> **What the task requires**:
Every record should be written out exactly, with the pictures left out.

> **Records shown**:
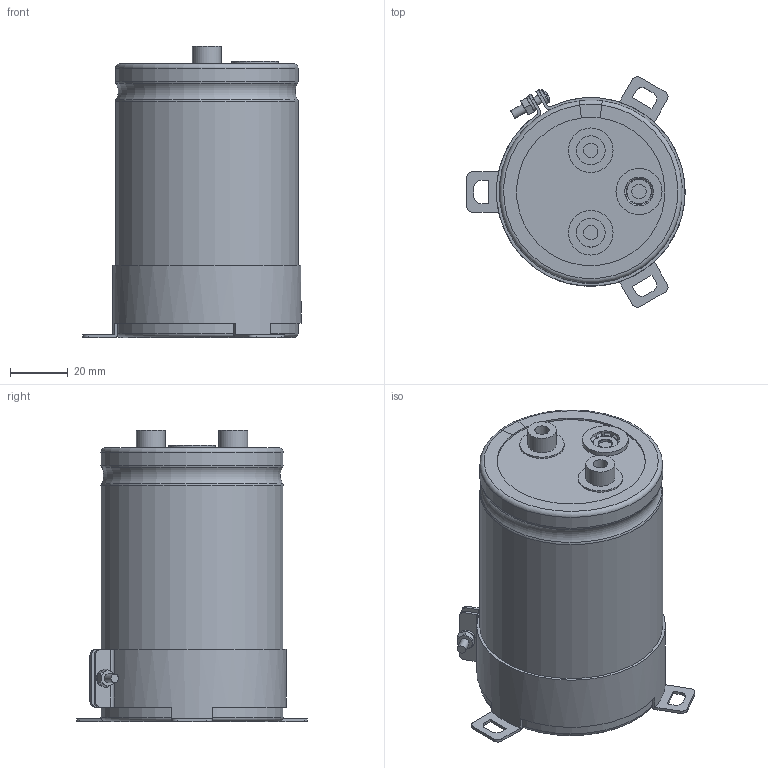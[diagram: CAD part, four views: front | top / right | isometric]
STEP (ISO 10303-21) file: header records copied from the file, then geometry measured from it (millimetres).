
FILE_DESCRIPTION(/* description */ (''),/* implementation_level */ '2;1');
FILE_NAME(/* name */ '63.5x95_Screw.stp',/* time_stamp */ '2017-09-15T19:30:37+09:00',/* author */ (''),/* organization */ (''),/* preprocessor_version */ 'ST-DEVELOPER v16',/* originating_system */ 'SIEMENS PLM Software NX 11.0',/* authorisation */ '');
FILE_SCHEMA (('AUTOMOTIVE_DESIGN { 1 0 10303 214 3 1 1 1 }'));
Length unit declared in the file: millimetre
Products named in the file (1): 63.5x95_Screw
Bounding box: 75.75 x 80.01 x 101 mm (x, y, z)
Volume: 303100.5 mm3; surface area: 77903 mm2
Topology: 9 solids, 9 shells, 259 faces, 644 edges, 415 vertices
Faces by surface type: plane 112, cylinder 66, torus 49, cone 31, sphere 1
Full cylindrical faces by diameter (mm): 3 x5, 5 x6, 5.5 x2, 10 x4, 15.5 x2, 16 x1, 62.3 x2
Entity records: 8411 total; most frequent: CARTESIAN_POINT 2059, DIRECTION 1296, ORIENTED_EDGE 1214, EDGE_CURVE 607, AXIS2_PLACEMENT_3D 541, VERTEX_POINT 408, EDGE_LOOP 317, CIRCLE 281

> **Problem solution**:
[diagram: CAD part, four views: front | top / right | isometric]
STEP (ISO 10303-21) file: header records copied from the file, then geometry measured from it (millimetres).
FILE_DESCRIPTION(/* description */ (''),/* implementation_level */ '2;1');
FILE_NAME(/* name */ '63.5x95_Screw.stp',/* time_stamp */ '2017-09-15T19:30:37+09:00',/* author */ (''),/* organization */ (''),/* preprocessor_version */ 'ST-DEVELOPER v16',/* originating_system */ 'SIEMENS PLM Software NX 11.0',/* authorisation */ '');
FILE_SCHEMA (('AUTOMOTIVE_DESIGN { 1 0 10303 214 3 1 1 1 }'));
Length unit declared in the file: millimetre
Products named in the file (1): 63.5x95_Screw
Bounding box: 75.75 x 80.01 x 101 mm (x, y, z)
Volume: 303100.5 mm3; surface area: 77903 mm2
Topology: 9 solids, 9 shells, 259 faces, 644 edges, 415 vertices
Faces by surface type: plane 112, cylinder 66, torus 49, cone 31, sphere 1
Full cylindrical faces by diameter (mm): 3 x5, 5 x6, 5.5 x2, 10 x4, 15.5 x2, 16 x1, 62.3 x2
Entity records: 8411 total; most frequent: CARTESIAN_POINT 2059, DIRECTION 1296, ORIENTED_EDGE 1214, EDGE_CURVE 607, AXIS2_PLACEMENT_3D 541, VERTEX_POINT 408, EDGE_LOOP 317, CIRCLE 281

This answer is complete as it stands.